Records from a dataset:
·····

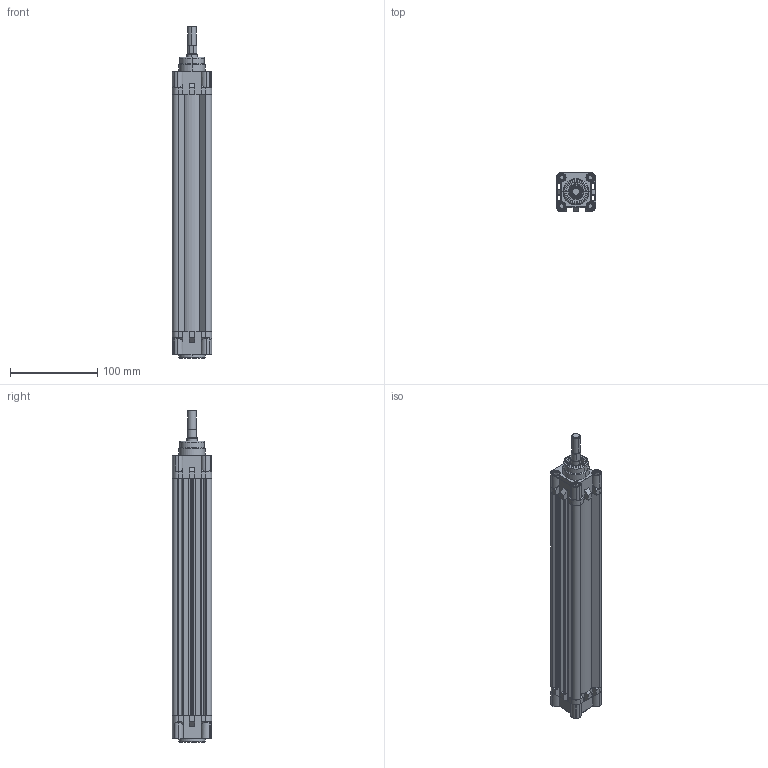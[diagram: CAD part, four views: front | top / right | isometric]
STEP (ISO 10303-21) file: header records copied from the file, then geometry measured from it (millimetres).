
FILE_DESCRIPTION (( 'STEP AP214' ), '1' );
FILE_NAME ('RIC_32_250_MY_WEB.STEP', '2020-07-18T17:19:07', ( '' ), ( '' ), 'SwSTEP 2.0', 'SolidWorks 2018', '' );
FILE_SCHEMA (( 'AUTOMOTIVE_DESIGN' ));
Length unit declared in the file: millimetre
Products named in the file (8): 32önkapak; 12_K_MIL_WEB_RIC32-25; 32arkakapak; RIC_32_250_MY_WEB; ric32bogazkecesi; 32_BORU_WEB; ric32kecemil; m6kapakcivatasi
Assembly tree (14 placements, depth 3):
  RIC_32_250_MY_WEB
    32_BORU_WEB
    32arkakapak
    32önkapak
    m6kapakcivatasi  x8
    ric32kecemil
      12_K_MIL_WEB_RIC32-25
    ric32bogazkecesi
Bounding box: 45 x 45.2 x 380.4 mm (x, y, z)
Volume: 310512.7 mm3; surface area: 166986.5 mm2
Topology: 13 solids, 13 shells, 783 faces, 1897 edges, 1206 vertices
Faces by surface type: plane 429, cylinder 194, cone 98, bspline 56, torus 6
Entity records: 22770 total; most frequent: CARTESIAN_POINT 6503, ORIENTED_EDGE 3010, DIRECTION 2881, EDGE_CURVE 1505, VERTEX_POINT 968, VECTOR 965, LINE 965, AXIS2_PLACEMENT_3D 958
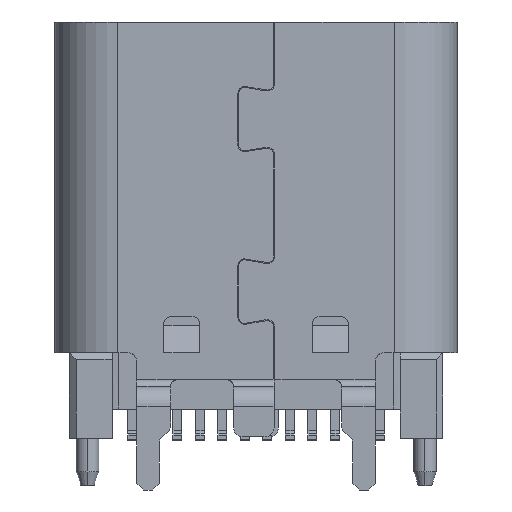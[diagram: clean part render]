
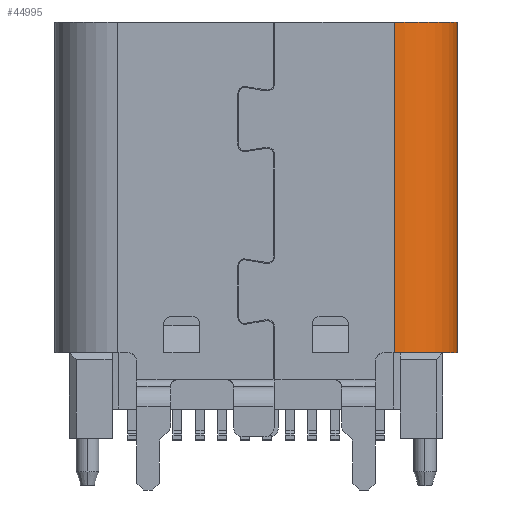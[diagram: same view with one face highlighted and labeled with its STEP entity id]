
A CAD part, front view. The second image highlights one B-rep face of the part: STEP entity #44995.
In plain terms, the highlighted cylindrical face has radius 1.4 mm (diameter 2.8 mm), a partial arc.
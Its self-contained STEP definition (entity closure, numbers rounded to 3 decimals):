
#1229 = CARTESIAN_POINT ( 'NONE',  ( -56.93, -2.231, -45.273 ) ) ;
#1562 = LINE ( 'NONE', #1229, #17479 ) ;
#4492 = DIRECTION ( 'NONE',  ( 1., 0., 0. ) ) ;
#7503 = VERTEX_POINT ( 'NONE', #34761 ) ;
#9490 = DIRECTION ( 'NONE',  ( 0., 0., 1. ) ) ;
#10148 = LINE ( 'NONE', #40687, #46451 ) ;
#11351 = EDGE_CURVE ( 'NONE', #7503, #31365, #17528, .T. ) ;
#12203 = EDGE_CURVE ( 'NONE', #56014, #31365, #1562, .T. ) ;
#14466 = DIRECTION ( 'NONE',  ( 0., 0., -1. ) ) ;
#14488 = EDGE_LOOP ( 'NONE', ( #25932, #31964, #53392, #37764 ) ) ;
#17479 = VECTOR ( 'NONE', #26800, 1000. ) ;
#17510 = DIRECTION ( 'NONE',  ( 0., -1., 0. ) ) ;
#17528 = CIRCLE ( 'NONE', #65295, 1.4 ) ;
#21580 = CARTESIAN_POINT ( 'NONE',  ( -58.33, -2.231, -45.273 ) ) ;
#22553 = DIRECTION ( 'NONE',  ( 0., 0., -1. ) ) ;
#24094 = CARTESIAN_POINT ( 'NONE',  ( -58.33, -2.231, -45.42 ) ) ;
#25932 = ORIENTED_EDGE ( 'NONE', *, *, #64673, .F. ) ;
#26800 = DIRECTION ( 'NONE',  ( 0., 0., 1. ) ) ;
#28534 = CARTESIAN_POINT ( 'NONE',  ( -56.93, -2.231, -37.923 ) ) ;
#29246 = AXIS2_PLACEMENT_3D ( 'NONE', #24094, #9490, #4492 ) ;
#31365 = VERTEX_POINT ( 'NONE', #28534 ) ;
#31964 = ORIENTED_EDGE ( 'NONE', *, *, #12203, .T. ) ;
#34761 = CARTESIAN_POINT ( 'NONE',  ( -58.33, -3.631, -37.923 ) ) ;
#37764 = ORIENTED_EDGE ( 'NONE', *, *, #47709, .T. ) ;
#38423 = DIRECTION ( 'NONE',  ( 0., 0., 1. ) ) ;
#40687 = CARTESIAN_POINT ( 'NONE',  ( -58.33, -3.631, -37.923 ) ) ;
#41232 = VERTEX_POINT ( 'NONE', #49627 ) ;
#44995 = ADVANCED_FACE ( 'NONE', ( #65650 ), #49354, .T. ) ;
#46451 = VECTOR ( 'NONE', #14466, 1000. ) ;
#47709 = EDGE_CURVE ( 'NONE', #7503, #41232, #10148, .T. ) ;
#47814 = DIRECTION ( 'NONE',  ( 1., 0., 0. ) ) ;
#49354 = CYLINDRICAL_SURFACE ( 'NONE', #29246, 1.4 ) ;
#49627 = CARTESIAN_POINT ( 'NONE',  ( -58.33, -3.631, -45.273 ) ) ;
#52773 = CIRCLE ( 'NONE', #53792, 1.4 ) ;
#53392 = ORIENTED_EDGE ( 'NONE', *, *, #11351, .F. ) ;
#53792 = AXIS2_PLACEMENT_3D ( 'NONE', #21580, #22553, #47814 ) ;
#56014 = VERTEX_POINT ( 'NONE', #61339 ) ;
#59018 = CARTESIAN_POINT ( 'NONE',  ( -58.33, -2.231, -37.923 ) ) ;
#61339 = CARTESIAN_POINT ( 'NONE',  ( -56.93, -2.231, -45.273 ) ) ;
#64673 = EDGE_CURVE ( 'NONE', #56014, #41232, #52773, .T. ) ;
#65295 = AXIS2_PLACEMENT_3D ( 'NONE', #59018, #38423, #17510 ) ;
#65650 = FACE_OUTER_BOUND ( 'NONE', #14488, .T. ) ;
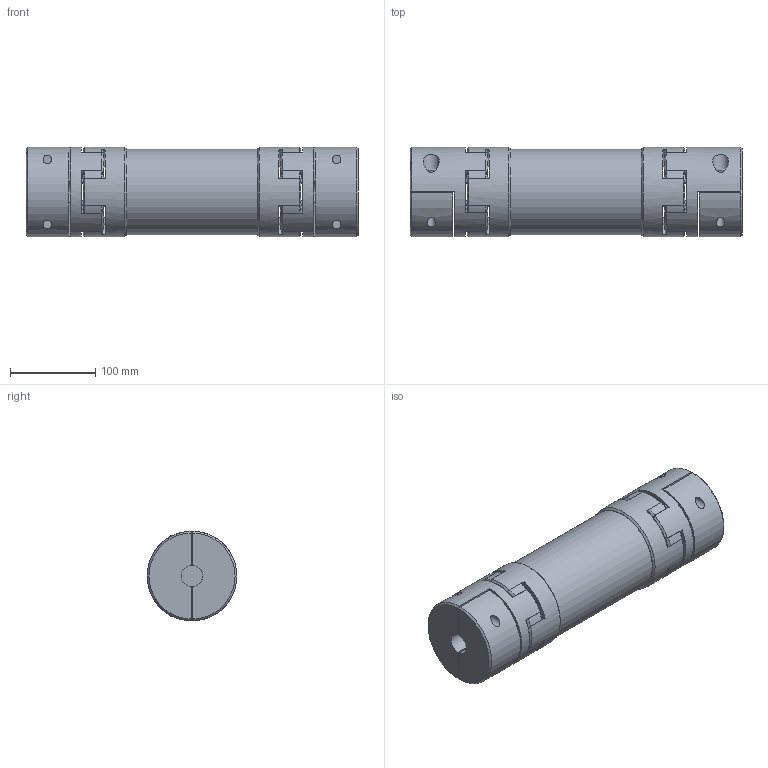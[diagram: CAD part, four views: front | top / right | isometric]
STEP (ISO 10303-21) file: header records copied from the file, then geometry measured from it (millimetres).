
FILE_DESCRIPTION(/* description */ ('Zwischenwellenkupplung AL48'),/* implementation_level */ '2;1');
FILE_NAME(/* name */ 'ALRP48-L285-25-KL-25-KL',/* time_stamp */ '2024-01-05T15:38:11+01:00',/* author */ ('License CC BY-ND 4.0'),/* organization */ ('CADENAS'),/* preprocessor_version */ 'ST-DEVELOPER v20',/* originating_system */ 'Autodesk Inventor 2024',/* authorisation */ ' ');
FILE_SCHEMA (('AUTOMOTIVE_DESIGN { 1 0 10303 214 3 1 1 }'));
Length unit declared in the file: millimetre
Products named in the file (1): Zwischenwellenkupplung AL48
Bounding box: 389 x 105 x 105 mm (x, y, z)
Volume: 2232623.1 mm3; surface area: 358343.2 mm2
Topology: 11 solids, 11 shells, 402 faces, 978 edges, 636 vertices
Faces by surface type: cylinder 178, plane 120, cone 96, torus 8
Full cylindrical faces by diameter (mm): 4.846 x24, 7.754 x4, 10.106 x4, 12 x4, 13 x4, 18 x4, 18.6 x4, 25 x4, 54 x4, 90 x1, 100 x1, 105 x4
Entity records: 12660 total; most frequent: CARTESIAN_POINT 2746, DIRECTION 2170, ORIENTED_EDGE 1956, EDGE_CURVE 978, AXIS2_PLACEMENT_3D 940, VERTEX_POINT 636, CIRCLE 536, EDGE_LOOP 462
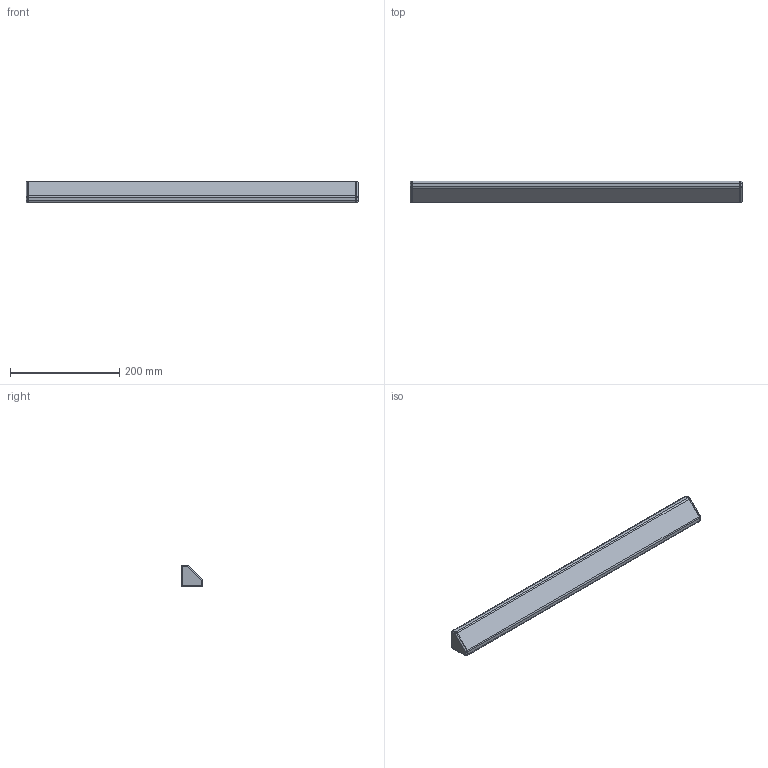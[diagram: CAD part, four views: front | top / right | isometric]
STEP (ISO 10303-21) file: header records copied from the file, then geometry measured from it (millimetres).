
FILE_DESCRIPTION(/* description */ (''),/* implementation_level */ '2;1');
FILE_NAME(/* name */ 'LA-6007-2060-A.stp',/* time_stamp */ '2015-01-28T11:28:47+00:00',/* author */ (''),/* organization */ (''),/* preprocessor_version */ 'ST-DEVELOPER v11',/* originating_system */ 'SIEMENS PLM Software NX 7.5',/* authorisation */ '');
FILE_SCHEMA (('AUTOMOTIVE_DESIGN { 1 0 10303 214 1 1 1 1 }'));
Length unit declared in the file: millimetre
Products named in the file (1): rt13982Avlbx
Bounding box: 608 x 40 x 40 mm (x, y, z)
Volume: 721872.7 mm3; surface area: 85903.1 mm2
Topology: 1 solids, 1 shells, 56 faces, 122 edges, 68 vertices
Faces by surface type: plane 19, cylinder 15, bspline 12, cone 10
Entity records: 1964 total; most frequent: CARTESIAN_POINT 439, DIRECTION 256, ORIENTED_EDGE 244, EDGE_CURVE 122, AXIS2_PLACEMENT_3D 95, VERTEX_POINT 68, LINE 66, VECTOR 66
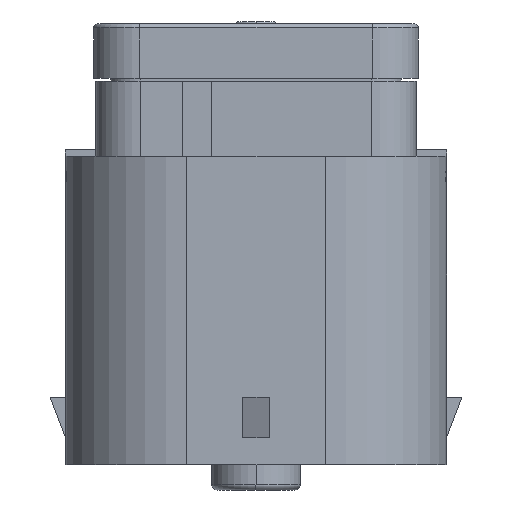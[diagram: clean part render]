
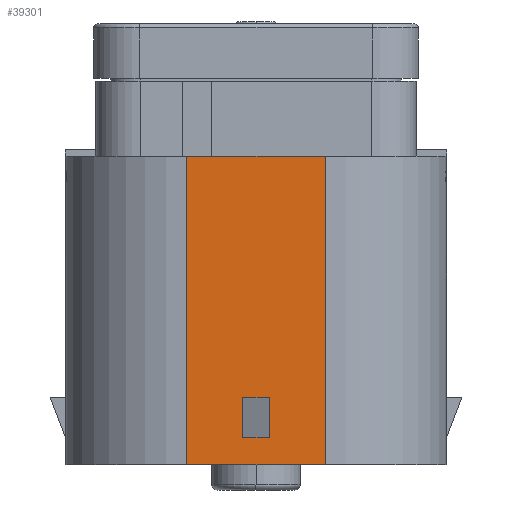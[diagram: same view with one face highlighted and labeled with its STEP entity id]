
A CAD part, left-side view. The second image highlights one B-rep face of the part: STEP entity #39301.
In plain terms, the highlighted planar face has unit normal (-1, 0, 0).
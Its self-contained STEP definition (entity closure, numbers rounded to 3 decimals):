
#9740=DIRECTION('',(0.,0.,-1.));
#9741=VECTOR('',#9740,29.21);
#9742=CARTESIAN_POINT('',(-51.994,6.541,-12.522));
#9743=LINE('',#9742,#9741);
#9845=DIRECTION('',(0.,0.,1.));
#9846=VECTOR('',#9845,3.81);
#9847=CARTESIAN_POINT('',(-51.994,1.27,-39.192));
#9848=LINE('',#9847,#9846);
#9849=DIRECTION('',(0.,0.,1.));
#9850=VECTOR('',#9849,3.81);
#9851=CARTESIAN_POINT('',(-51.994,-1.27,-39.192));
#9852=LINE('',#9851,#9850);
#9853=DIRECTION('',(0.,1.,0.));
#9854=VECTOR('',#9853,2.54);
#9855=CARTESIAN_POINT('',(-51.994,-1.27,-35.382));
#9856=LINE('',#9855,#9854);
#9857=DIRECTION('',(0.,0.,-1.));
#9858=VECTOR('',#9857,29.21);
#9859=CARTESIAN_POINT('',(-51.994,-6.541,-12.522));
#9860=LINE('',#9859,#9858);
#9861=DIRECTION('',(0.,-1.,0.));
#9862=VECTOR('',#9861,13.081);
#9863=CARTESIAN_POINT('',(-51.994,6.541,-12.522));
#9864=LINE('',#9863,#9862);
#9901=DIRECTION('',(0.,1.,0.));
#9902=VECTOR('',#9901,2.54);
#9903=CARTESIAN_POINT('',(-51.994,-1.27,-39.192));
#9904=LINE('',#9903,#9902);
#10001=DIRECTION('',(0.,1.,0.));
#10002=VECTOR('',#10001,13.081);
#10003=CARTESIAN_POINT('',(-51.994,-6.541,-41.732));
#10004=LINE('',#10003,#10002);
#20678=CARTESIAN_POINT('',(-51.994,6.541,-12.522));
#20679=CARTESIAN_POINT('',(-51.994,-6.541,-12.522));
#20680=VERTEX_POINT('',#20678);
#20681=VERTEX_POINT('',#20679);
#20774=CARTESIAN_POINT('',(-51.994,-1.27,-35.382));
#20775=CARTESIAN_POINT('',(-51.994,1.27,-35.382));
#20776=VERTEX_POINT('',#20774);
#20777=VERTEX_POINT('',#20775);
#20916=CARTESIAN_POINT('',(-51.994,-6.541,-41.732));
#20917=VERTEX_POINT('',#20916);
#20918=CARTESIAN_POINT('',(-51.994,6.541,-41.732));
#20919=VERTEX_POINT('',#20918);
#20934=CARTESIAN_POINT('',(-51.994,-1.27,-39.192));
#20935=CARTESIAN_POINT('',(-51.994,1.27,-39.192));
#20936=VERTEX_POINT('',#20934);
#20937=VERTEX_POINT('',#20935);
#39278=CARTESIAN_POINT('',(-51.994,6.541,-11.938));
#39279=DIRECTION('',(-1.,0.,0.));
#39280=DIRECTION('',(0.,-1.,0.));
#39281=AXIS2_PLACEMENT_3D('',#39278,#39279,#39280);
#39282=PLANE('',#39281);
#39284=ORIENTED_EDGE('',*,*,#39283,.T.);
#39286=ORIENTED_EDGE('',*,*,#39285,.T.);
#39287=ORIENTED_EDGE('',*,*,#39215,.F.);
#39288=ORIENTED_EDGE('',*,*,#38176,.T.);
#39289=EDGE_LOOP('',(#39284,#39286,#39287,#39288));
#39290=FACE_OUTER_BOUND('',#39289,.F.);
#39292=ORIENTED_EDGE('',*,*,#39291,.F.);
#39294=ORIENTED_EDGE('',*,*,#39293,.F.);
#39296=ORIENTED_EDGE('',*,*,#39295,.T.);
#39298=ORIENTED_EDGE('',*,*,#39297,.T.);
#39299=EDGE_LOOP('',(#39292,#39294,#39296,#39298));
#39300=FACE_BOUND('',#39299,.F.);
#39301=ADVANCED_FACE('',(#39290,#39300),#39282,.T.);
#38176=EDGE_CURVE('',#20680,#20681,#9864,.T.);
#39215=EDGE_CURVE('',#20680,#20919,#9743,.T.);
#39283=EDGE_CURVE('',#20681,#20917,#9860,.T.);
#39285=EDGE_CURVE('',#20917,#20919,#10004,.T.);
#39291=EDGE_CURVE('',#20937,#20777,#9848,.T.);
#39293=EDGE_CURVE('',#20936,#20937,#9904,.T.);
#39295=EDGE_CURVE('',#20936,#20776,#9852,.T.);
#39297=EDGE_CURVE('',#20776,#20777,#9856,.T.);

·····

Using only the entries above, output the line with "#1562 = LINE ( 'NONE', #1229, #17479 ) ;", the line with "#17510 = DIRECTION", and all lines between them, exactly as they stand.

:: Response to the task ::
#1562 = LINE ( 'NONE', #1229, #17479 ) ;
#4492 = DIRECTION ( 'NONE',  ( 1., 0., 0. ) ) ;
#7503 = VERTEX_POINT ( 'NONE', #34761 ) ;
#9490 = DIRECTION ( 'NONE',  ( 0., 0., 1. ) ) ;
#10148 = LINE ( 'NONE', #40687, #46451 ) ;
#11351 = EDGE_CURVE ( 'NONE', #7503, #31365, #17528, .T. ) ;
#12203 = EDGE_CURVE ( 'NONE', #56014, #31365, #1562, .T. ) ;
#14466 = DIRECTION ( 'NONE',  ( 0., 0., -1. ) ) ;
#14488 = EDGE_LOOP ( 'NONE', ( #25932, #31964, #53392, #37764 ) ) ;
#17479 = VECTOR ( 'NONE', #26800, 1000. ) ;
#17510 = DIRECTION ( 'NONE',  ( 0., -1., 0. ) ) ;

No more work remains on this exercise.